-- Material shown --
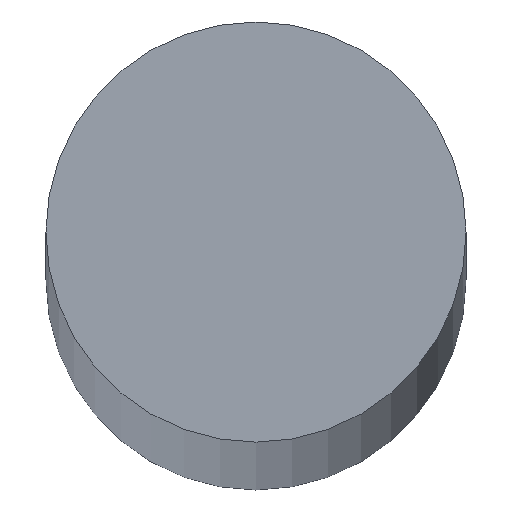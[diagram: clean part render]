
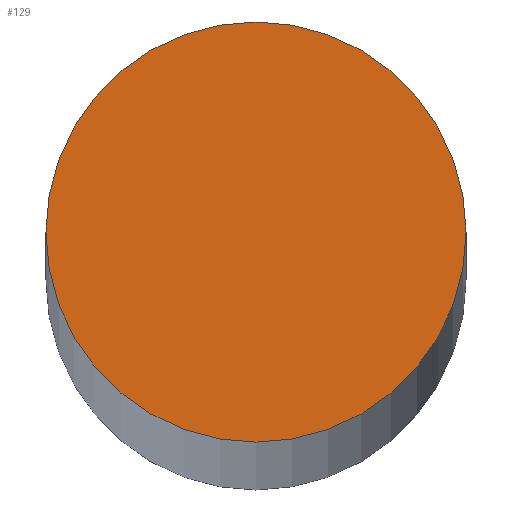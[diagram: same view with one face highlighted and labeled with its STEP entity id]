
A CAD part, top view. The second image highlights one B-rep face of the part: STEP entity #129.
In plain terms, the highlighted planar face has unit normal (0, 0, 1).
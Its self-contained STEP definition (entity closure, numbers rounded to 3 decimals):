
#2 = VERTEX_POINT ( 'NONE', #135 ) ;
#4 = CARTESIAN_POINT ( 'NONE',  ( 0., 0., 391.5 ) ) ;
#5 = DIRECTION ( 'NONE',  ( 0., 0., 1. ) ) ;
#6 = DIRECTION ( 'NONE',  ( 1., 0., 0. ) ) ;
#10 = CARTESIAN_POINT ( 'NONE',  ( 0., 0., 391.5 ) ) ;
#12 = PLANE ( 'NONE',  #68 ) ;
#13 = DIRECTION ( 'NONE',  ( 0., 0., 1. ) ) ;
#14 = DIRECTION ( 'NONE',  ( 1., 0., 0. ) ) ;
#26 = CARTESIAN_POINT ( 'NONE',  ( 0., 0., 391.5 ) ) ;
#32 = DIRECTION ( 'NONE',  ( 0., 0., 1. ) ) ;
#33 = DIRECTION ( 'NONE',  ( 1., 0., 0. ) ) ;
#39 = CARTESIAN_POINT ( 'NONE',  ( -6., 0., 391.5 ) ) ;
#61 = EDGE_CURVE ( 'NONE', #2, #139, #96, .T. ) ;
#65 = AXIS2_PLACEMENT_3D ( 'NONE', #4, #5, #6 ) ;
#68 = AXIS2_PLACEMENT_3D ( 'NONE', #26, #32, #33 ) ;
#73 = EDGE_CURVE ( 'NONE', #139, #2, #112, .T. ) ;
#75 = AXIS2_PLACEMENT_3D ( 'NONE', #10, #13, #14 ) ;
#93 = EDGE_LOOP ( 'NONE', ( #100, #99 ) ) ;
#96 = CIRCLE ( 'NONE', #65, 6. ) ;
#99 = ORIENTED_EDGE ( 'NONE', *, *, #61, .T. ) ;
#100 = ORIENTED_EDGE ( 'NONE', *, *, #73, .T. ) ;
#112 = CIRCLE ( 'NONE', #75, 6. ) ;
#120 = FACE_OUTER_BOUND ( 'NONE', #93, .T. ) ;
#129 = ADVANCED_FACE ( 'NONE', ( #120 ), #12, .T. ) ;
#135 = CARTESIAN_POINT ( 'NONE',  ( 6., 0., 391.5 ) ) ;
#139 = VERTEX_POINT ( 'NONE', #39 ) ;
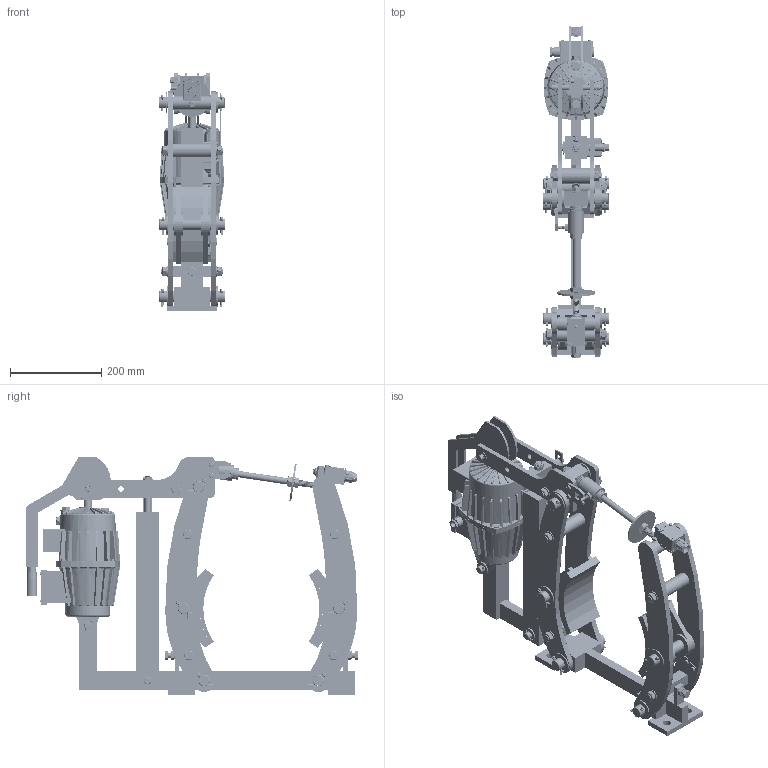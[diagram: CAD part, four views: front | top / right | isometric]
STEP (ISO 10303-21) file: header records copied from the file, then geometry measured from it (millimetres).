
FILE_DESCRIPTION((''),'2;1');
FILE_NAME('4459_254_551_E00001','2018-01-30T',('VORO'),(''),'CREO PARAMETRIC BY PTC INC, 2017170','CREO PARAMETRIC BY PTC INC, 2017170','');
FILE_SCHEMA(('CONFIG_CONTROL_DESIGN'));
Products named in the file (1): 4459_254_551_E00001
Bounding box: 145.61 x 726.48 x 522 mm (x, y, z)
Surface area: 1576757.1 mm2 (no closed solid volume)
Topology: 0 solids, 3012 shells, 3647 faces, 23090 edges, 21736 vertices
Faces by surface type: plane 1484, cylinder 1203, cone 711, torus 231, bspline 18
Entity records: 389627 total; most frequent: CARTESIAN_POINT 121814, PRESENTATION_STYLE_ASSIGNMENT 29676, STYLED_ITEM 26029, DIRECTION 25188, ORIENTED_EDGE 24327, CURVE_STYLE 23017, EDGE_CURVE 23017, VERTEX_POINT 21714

-- Task requirements --
Among the lines above, which hold the word "CIRCLE"? Report each one.

-- Your response --
#96 = CIRCLE ( 'NONE', #65, 6. ) ;
#112 = CIRCLE ( 'NONE', #75, 6. ) ;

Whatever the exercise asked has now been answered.